The problem is that some law enforcement officers, forever seeking “black-or-white” answers that they can easily apply to any situation, have determined on their own that once a subject is given a Beheler admonishment, that’s the end of the issue. Not so. If life were only so simple.
To the contrary, a Beheler admonishment is but one factor to consider in looking at the “totality of the circumstances” when determining whether a reasonable person would have believed, under the particular circumstances at issue, that he is or is not in custody for purposes of Miranda.[9] A Beheler admonishment alone, therefore, may not be enough. And even if it is enough, as an interrogation moves from a general, non-accusatory discussion of the events under investigation into a more confrontational, accusatory discussion of the suspect’s possible criminal involvement, what started as a non-custodial questioning may well morph, mid-interrogation, into a custodial situation requiring a Miranda advisal and waiver.
An excellent example of this phenomenon is illustrated by the recent decision of People v. Morales,[10] out of California’s Fourth District Court of Appeal.
In Morales, victim Jesus Trejo mysteriously disappeared from his apartment in Fontana, California, over the weekend of January 14-16, 2011. His roommate, Nelson Rizo, became concerned when, upon returning from a weekend job, he noticed that both Trejo and his red convertible Mustang, which he never let anyone else drive, were both missing. He also smelled a foul odor and noted that Trejo’s bedroom door was locked.
Calling around to friends, Rizo found out that Morales had been seen by several people driving Trejo’s Mustang and using his cellphone. Morales told others that he was using Trejo’s Mustang with his permission after he (Trejo) had been arrested; an assertion that was soon proven to be false. With the help of a locksmith, Trejo’s room was finally entered, finding Trejo’s decomposing and bloodied body. It was subsequently determined that Trejo had died from blunt force trauma to the head. A large, bloody stick was found nearby.
The resulting investigation led to Morales who, as a “person of interest,” was contacted at his work on Thursday, January 20. When informed that Morales had been located, San Bernardino Sheriff’s Department Detective Armando Castillo instructed at least five plainclothes officers to “stand with” him until he arrived. Detective Castillo, when he got there, asked Morales if he’d be willing to go to the police station “to talk real quick.” Morales was told that he was not under arrest, or even detained. Morales agreed to go with the detective, riding with him in the front seat, unhandcuffed, and without having been searched. They made small talk during the 20-mile drive to the station.
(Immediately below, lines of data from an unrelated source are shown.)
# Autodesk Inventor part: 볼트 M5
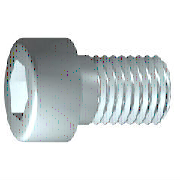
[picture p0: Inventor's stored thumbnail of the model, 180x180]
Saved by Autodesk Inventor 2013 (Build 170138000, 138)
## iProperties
IsCustomPart: 0
Created: 2021-07
Part Number: 볼트 M5
Material: 강철, 연강
Description: 6각머리 태핑 나사
Document SubType Name: Modeling
Standard: KS B 1003
Standards Organization: KS
Language: ko-KR
Size Designation: M 5 x 20
Categories: <MemberInstance><Categories><Category DisplayName="조임쇠" InternalName="e4da775c-781d-43d5-af7c-5136215cf5a6" Mnemonic="FSTN"><Category DisplayName="볼트" InternalN
Density: 7.86 g/cm^3
Mass: 4.9629 g
Surface Area: 5.88237 cm^2
Volume: 0.631412 cm^3
Project: mdu
Author: mdu
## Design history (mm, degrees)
sketch "스케치1"
  geometry: L1 (-1.167, 0)-(20, 0); L2 (20, 0)-(20, 2.5); L3 (20, 2.5)-(2, 2.5); L4 (2, 2.5)-(1.509, 2.5); L5 (1.509, 2.5)-(0, 2.5); L6 (0, 2.5)-(0, 4.25); L7 (0, 4.25)-(-5, 4.25); L8 (-5, 4.25)-(-5, 2.309); L9 (-5, 2.309)-(-2.5, 2.309); L10 (-2.5, 2.309)-(-1.167, 0); L11 (-10, 0)-(25, 0) reference; L12 (0, -0.85)-(0, 5.1) reference; L13 (2, 2.5)-(0, 2.5)
  constraints: 22 end point, 6 parallel, 2 collinear, 2 perpendicular, 1 horizontal, 1 point on line
  dimensions: "d1" = 18 distance from line of L3.end L2 (= GEL); "d2" = 0.49086 distance of L4.end L3.end (computed from GAL); "d3" = 5 distance between parallel lines of L8 L6 (= KOH); "d4" = 2.5 distance of L8.end L9.end (= INTI); "d5" = 60 deg angle of L10 L1; "d6" = 5 diameter of L3 L1 (= GD); "d7" = 5 diameter of L5 L1 (= BDM); "d8" = 4.6188 diameter of L9 L1 (= 1.1547 x SW); "d9" = 8.5 diameter of L7 L1 (= KOD); "d26" = 20 distance between parallel lines of L12 L2 (= NLG)
revolve "본체" sketch "스케치1" stored, may be unused: angle "d10" = 90 deg
sketch "스케치2"
  geometry: L1 (0, -5.95)-(0, 5.95) reference; L2 (-5.95, 0)-(5.95, 0) reference; L3 (2.309, 0)-(1.155, -2); L4 (1.155, -2)-(-1.155, -2); L5 (-1.155, -2)-(-2.309, 0); L6 (-2.309, 0)-(-1.155, 2); L7 (-1.155, 2)-(1.155, 2); L8 (1.155, 2)-(2.309, 0); 2 further points
  constraints: 12 end point, 1 coincident, 1 horizontal alignment, 1 point on line, 12 other
extrude "슬롯" join sketch "스케치2" stored distance "d11" = 10; taper "d12" = 0 deg
workplane "Work Plane1"
fillet "Fillet2" dims "d30" = 0.1 (= R)
body "Solid1"
fillet "모깎기1" dims "d17" = 0.5 (= RR)
feature "스레드" dims "d13" = 18 (= GEL), "d14" = 0
chamfer "모따기1" distance "d15" = 0.49076 (= -0.5 x SPD + 0.5 x GD); stored, may be unused: second distance "d16" = 0.49076 (= GUL), angle "d27" = 45 deg
other parameters: "GD" = 5 (= NND) [user parameter; used in 2 equation terms], "NLG" = 20 [user parameter; used in 1 equation term], "GEL" = 18 [user parameter; used in 2 equation terms], "KOD" = 8.5 [user parameter; used in 1 equation term], "KOH" = 5 [user parameter; used in 1 equation term], "INTI" = 2.5 [user parameter; used in 1 equation term], "GAL" = 0.49076 (= 0.61345 x PTC) [user parameter; used in 1 equation term], "GUL" = 0.49076 (= 0.61345 x PTC) [user parameter; used in 1 equation term], "BDM" = 5 (= NND) [user parameter; used in 1 equation term], "SW" = 4 [user parameter; used in 2 equation terms], "RR" = 0.5 [user parameter; used in 1 equation term], "SPD" = 4.01848 (= NND - 1.2269 x PTC) [user parameter; used in 1 equation term], "d19" = 0, "d28" = 0, "d29" = 0, "R" = 0.1 [user parameter; used in 1 equation term], "PHH" = 0.2 [user parameter], "GD1" = 4.01848 (= THREADDIA - 1.2269 x PTC) [user parameter], "THREADDIA" = 5 [user parameter; used in 1 equation term], "FAWI" = 45 deg [user parameter], "TPU" = 12.5 (computed from PTC) [user parameter], "PTC" = 0.8 [user parameter; used in 5 equation terms], "NND" = 5 [user parameter; used in 3 equation terms], "TOA" = 30 deg [user parameter], "E0" = 4.62 (= 1.155 x SW) [user parameter]
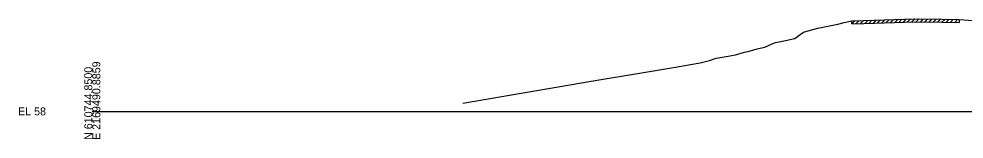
# Model space of a CAD drawing. Extents: x -26 to 6803, y -10 to 19606.
# Drawn here: x 1974.3 to 2305.1, y 8490.3 to 8532.3 of the extents above; entities that cross this region are included whole.
import ezdxf

# ---------------------------------------------------------------- set-up
doc = ezdxf.new("R2010")
doc.units = 0
for name, color, linetype in [('RD_GPK_XS_Cell', 7, 'Continuous'), ('RD_XS_ExGround', 7, 'Continuous'), ('RD_XS_ExPaveRet', 7, 'Continuous')]:
    doc.layers.add(name, color=color, linetype=linetype)

msp = doc.modelspace()

# ---------------------------------------------------------------- linework, layer by layer
at = {"layer": 'RD_GPK_XS_Cell'}
msp.add_line((2000, 8500), (2400, 8500), dxfattribs=at)
at = {"layer": 'RD_XS_ExGround'}
msp.add_lwpolyline([(2129.68, 8502.91), (2175.98, 8510.84), (2192.19, 8513.53), (2204.05, 8515.47), (2209.37, 8516.39), (2212.68, 8516.97), (2216.04, 8517.77), (2218.36, 8518.66), (2222.55, 8519.3), (2225.14, 8519.75), (2228.2, 8520.7), (2229.37, 8520.91), (2231.51, 8521.51), (2232.69, 8521.85), (2235.4, 8522.5), (2237.97, 8523.6), (2239.11, 8524.12), (2240.93, 8524.49), (2245.91, 8525.47), (2247.69, 8526.91), (2248.88, 8527.65), (2249.27, 8527.79), (2253.91, 8529.06), (2260.89, 8530.46), (2263.14, 8531.1), (2265.83, 8531.65), (2270.04, 8531.78), (2287.81, 8532.34), (2297.43, 8532.21), (2303.39, 8532.12), (2309.93, 8531.68)], dxfattribs=at)
at = {"layer": 'RD_XS_ExPaveRet'}
for p, q in [((2265.83, 8530.65), (2266.86, 8531.68)), ((2265.83, 8530.65), (2265.83, 8531.65)), ((2267.33, 8530.7), (2268.36, 8531.73)), ((2268.83, 8530.74), (2269.86, 8531.78)), ((2270.04, 8530.78), (2287.81, 8531.34)), ((2270.33, 8530.79), (2271.36, 8531.82)), ((2271.83, 8530.84), (2272.86, 8531.87)), ((2273.33, 8530.89), (2274.36, 8531.92)), ((2274.83, 8530.93), (2275.86, 8531.97)), ((2276.33, 8530.98), (2277.36, 8532.01)), ((2277.83, 8531.03), (2278.86, 8532.06)), ((2279.33, 8531.07), (2280.36, 8532.11)), ((2280.83, 8531.12), (2281.86, 8532.15)), ((2282.33, 8531.17), (2283.36, 8532.2)), ((2283.83, 8531.21), (2284.86, 8532.25)), ((2285.33, 8531.26), (2286.36, 8532.29)), ((2286.83, 8531.31), (2287.86, 8532.34)), ((2287.81, 8531.34), (2297.43, 8531.21)), ((2288.33, 8531.33), (2289.32, 8532.32)), ((2289.83, 8531.31), (2290.82, 8532.3)), ((2291.33, 8531.29), (2292.32, 8532.28)), ((2292.83, 8531.27), (2293.82, 8532.26)), ((2294.33, 8531.25), (2295.32, 8532.24)), ((2295.83, 8531.23), (2296.82, 8532.22)), ((2297.33, 8531.21), (2298.31, 8532.19)), ((2298.83, 8531.19), (2299.81, 8532.17)), ((2300.33, 8531.16), (2301.31, 8532.15)), ((2301.83, 8531.14), (2302.81, 8532.12)), ((2303.39, 8532.12), (2303.39, 8531.12)), ((2265.83, 8530.65), (2270.04, 8530.78)), ((2297.43, 8531.21), (2303.39, 8531.12)), ((2303.39, 8531.12), (2303.39, 8531.12))]:
    msp.add_line(p, q, dxfattribs=at)

# ---------------------------------------------------------------- texts
at = {"layer": 'RD_GPK_XS_Cell'}
for s, p in [('N 610744.8500', (2000, 8490)), ('E 2169490.8859', (2002.8, 8490))]:
    msp.add_text(s, height=2.8, rotation=90, dxfattribs=at).set_placement(p)
msp.add_text('EL 58', height=2.8, dxfattribs=at).set_placement((1974, 8498.6))

doc.saveas('drawing.dxf')

Once at the station, Morales was offered the use of the bathroom and asked if he wanted something to eat or drink.
In an interrogation room, with Detective Castillo being assisted by Detective Jose Avila, it was reiterated several times to Morales that he was neither under arrest nor being detained and that “[i]f at any moment [he did] not want to speak with [the detectives, he could] leave.” Morales was not Mirandized.
The questioning began with the detectives seeking general information about Morales, such as his employment and his relationship to Trejo. It wasn’t until Morales asked why they were asking him about Trejo that they told him that he’d been murdered. During the ensuing interrogation, Morales repeatedly denied killing Trejo. He also initially denied driving Trejo’s car, but soon changed his story to having been given the car by someone named Jorge Rodriguez. When asked about having the victim’s cell phone, he claimed to have taken it from Trejo’s apartment after finding the door open and no one home.
Asked if he would take a polygraph exam to help eliminate him as a suspect, Morales eventually (after saying that he’d never heard of such a test) agreed to take the test. The test was administered by an examiner identified only as “Heard” in the written decision.
Heard told Morales that he was not being forced to take the test, but that it was important for him to tell “the truth, the pure truth.” During the administration of the test, Morales continued to deny having murdered Trejo. Afterwards, Heard, in effect, told Morales that he did not pass the test; that the tests “were not turning out well.” As Morales repeatedly denied killing Trejo, Heard told him a number of times that “the truth was missing.” At one point, Morales apparently started to get up because the transcript reflects that he was told to “sit down (and) listen.”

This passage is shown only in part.